* **Exercise goal**:
Pull every line containing "color" from the entries.

* **Supplied records**:
══════════
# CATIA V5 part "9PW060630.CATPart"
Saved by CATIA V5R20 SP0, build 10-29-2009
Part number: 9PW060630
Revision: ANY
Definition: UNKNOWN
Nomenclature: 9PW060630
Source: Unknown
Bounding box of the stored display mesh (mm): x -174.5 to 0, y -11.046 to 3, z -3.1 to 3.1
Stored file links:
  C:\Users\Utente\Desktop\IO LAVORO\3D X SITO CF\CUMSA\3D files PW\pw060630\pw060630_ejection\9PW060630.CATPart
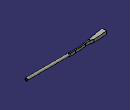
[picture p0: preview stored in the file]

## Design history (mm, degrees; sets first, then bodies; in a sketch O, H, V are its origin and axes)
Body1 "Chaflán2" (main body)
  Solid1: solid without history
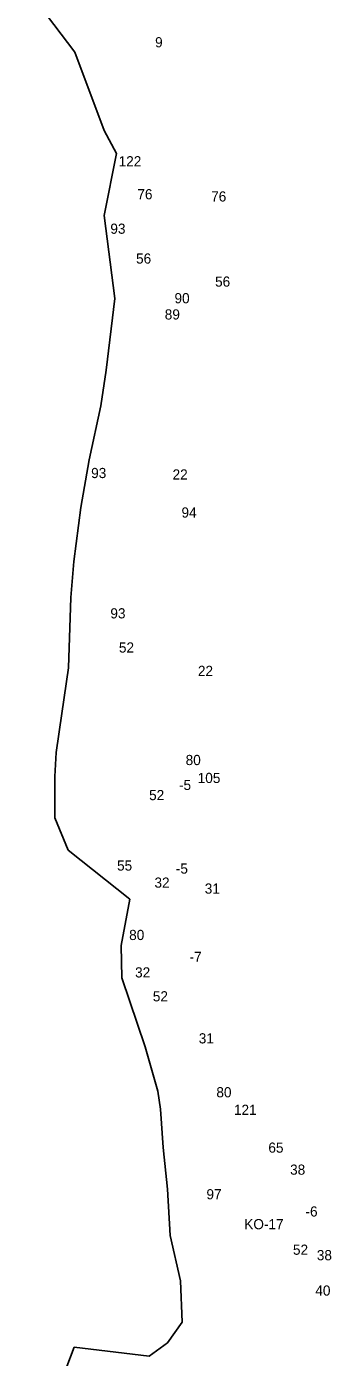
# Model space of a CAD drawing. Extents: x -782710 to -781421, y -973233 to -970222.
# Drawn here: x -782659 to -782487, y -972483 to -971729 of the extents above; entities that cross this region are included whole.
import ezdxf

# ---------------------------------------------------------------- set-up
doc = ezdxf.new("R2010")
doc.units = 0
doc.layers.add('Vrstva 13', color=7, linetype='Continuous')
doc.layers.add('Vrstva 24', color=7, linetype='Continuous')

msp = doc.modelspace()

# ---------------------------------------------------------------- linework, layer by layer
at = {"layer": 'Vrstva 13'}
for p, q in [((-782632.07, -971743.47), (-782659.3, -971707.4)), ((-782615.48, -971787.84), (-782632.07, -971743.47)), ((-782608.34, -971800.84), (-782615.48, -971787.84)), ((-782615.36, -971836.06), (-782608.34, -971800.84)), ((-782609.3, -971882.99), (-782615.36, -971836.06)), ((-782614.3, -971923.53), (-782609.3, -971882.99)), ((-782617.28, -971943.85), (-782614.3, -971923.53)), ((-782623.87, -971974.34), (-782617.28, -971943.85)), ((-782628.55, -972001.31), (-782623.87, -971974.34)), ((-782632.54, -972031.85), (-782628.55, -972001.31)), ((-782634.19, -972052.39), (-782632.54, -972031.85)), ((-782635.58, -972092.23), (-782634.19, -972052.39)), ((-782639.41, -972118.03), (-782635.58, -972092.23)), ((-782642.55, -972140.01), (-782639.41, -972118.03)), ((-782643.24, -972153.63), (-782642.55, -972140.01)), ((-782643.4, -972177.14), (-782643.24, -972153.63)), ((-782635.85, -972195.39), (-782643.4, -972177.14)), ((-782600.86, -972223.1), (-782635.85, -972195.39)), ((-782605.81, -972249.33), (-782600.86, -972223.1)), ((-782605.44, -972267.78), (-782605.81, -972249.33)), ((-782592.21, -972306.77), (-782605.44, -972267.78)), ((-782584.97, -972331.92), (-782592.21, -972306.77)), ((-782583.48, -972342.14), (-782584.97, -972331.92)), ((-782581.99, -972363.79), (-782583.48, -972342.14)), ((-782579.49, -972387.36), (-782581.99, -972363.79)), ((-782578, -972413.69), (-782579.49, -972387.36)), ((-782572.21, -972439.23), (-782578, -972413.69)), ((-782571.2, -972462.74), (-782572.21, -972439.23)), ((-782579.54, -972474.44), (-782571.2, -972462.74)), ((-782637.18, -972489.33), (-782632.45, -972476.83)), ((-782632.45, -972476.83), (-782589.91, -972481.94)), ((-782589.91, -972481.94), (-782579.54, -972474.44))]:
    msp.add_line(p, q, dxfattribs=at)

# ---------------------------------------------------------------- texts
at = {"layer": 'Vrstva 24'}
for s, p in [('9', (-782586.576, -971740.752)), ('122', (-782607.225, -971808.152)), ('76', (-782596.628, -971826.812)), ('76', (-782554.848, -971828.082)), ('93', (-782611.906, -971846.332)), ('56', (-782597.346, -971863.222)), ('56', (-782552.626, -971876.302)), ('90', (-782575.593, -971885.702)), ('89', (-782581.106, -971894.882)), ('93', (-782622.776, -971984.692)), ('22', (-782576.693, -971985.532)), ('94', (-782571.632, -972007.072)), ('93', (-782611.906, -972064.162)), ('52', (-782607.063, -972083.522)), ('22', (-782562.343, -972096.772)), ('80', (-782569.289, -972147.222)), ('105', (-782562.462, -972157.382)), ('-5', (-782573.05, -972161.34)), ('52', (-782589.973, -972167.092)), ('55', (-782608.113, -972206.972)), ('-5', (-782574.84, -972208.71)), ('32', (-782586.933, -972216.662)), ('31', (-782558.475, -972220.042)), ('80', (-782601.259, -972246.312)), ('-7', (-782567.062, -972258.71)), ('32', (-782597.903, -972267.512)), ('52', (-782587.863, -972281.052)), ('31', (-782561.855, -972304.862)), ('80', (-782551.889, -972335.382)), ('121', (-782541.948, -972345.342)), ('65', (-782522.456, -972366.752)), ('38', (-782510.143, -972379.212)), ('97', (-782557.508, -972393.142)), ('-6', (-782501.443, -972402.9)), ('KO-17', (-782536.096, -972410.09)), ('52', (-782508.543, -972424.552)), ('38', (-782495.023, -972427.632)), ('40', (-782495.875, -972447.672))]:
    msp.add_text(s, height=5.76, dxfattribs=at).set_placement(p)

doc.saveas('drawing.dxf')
══════════
* **Answer to this exercise**:
doc.layers.add('Vrstva 13', color=7, linetype='Continuous')
doc.layers.add('Vrstva 24', color=7, linetype='Continuous')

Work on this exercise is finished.